0
votes

I need to process about 4,000 cassandra queries. I convert each query ResultSet into a generator to keep the memory footprint low. Within each row of the generator, I'm only concerned with a few fields of about 50 present.

I know that I can't filter directly on value fields in CQL but does the DataStax Python Cassandra driver have something built in that does this? or would it make more sense to just do this when I build the generator i.e

def make_gen(response):
    for row in response:
        yield row.value.field1, row.value.filed2

I am issuing direct queries at the moment but will move to model based approach later with concurrent queries and prepared statements. The code that is issuing the request is very basic

sess = connect_cas(env)
for user in users:
    q = 'select * from table ' + \
        'where key1 = {} and '.format(key_1) + \
        'key2 = {} and '.format(key_2) + \
        'sample_time > {} '.format(t1) + \
        'sample_time < {} '.format(t2)
   resp_gen = make_gen(sess.execute(q)) # just a yield json.loads(Row.value)
   for resp in resp_gen:
       if field in resp:
           // process data from this field

I only care about rows where this "field" is present.

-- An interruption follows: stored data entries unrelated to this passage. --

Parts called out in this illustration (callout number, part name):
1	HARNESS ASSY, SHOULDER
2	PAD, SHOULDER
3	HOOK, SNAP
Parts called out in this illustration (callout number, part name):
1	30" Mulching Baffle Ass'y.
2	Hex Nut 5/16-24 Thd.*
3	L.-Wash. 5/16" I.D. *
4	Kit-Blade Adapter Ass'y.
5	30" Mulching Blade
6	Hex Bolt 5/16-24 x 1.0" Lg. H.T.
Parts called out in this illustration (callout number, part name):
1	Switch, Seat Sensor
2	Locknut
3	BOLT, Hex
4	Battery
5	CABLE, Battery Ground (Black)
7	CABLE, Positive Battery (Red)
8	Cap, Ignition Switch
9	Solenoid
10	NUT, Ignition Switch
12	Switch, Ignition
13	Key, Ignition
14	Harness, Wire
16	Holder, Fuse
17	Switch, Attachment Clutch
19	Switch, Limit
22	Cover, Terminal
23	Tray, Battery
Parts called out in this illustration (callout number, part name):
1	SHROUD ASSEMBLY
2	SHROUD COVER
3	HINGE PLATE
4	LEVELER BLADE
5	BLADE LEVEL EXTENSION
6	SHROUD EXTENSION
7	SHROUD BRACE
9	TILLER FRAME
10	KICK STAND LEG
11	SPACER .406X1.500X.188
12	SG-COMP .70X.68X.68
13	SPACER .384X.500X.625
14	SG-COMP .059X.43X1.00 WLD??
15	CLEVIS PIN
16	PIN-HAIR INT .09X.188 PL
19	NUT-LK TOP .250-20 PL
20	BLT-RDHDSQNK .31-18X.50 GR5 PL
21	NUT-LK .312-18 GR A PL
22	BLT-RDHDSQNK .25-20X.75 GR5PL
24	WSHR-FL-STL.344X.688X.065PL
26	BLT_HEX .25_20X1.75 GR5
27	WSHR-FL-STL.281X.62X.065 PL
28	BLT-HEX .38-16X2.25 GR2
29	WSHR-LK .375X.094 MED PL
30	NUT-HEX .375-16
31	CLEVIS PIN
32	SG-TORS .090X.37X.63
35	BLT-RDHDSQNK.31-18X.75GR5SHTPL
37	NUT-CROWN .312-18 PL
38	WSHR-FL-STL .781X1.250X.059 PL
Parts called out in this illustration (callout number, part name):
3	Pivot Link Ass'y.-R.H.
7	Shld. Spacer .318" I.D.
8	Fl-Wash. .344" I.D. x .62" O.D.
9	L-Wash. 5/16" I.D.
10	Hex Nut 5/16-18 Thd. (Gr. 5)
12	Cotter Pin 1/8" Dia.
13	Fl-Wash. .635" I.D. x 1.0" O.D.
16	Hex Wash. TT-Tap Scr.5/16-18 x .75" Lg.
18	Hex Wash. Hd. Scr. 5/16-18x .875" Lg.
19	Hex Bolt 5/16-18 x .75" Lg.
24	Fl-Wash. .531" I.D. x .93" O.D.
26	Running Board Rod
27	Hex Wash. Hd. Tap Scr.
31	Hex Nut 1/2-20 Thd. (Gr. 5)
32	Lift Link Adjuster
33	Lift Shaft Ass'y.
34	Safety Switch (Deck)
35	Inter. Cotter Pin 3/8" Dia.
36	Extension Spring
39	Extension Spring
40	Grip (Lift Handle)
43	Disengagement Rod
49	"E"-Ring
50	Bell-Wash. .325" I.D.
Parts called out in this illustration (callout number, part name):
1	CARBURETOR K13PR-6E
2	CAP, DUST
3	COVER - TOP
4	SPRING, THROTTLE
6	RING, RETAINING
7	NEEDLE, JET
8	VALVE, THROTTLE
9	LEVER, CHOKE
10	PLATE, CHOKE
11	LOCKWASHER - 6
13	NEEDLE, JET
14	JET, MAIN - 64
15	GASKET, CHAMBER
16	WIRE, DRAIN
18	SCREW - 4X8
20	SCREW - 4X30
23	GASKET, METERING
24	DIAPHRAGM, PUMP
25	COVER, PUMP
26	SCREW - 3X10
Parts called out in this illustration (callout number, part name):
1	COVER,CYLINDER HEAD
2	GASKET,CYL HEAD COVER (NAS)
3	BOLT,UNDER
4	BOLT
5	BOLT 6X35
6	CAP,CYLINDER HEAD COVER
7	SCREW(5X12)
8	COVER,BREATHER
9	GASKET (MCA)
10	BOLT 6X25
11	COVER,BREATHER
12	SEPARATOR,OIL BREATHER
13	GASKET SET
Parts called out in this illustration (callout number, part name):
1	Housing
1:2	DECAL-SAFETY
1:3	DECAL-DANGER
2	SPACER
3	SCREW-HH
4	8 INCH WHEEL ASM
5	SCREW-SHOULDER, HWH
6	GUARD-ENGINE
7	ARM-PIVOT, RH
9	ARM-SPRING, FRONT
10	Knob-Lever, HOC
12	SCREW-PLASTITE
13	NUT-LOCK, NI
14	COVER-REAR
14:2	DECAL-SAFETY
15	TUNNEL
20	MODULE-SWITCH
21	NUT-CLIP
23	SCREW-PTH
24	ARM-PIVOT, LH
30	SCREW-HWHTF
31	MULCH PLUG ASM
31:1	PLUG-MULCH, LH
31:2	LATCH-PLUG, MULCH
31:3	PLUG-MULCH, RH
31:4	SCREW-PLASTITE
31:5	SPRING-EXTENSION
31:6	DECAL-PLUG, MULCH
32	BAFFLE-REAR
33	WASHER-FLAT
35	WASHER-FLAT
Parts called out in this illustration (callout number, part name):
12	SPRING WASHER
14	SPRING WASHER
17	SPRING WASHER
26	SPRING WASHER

I've since updated my generator to only yield data when this condition is true, however, if there is something built into the DataStax driver that does this more efficiently, at 4,000 queries the savings will add up.

1
Please show the code that is doing request - are you using Model-based approach? Or direct query? - Alex Ott

1 Answers

0
votes

Are you showing that you only process rows where field1 or field2 are set to a particular value?

It's not exactly built for this purpose, but you could use a custom row_factory to achieve this filtering at a lower level and avoid conversions between named tuple, tuple, and additional generator.